• **The task**:
Reproduce the entries exactly and omit the pictures.

Record excerpts section start

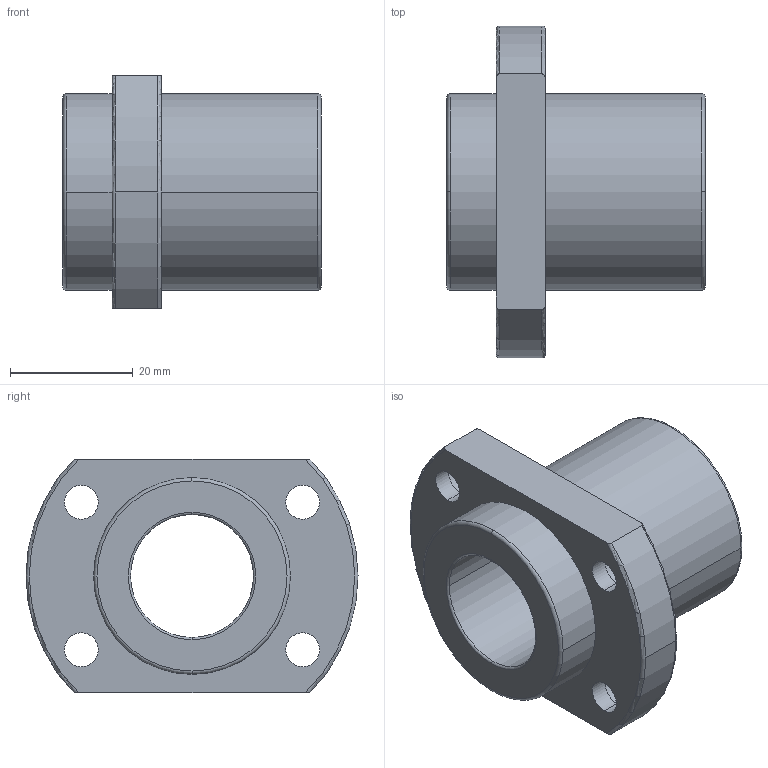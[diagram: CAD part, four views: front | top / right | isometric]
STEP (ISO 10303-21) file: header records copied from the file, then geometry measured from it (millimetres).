
FILE_DESCRIPTION(('FreeCAD Model'),'2;1');
FILE_NAME('Open CASCADE Shape Model','2021-05-03T14:28:49',('Author'),( ''),'Open CASCADE STEP processor 7.5','FreeCAD','Unknown');
FILE_SCHEMA(('AUTOMOTIVE_DESIGN { 1 0 10303 214 1 1 1 1 }'));
Length unit declared in the file: millimetre
Products named in the file (1): linear_lmhp20uu
Bounding box: 42 x 54 x 38 mm (x, y, z)
Volume: 27486.4 mm3; surface area: 10932.4 mm2
Topology: 1 solids, 1 shells, 48 faces, 124 edges, 84 vertices
Faces by surface type: cylinder 26, torus 12, plane 10
Entity records: 4208 total; most frequent: CARTESIAN_POINT 1685, DIRECTION 496, ORIENTED_EDGE 248, PCURVE 248, DEFINITIONAL_REPRESENTATION 248, LINE 212, VECTOR 212, AXIS2_PLACEMENT_3D 133

Record excerpts section end

• **Your response**:
[diagram: CAD part, four views: front | top / right | isometric]
STEP (ISO 10303-21) file: header records copied from the file, then geometry measured from it (millimetres).
FILE_DESCRIPTION(('FreeCAD Model'),'2;1');
FILE_NAME('Open CASCADE Shape Model','2021-05-03T14:28:49',('Author'),( ''),'Open CASCADE STEP processor 7.5','FreeCAD','Unknown');
FILE_SCHEMA(('AUTOMOTIVE_DESIGN { 1 0 10303 214 1 1 1 1 }'));
Length unit declared in the file: millimetre
Products named in the file (1): linear_lmhp20uu
Bounding box: 42 x 54 x 38 mm (x, y, z)
Volume: 27486.4 mm3; surface area: 10932.4 mm2
Topology: 1 solids, 1 shells, 48 faces, 124 edges, 84 vertices
Faces by surface type: cylinder 26, torus 12, plane 10
Entity records: 4208 total; most frequent: CARTESIAN_POINT 1685, DIRECTION 496, ORIENTED_EDGE 248, PCURVE 248, DEFINITIONAL_REPRESENTATION 248, LINE 212, VECTOR 212, AXIS2_PLACEMENT_3D 133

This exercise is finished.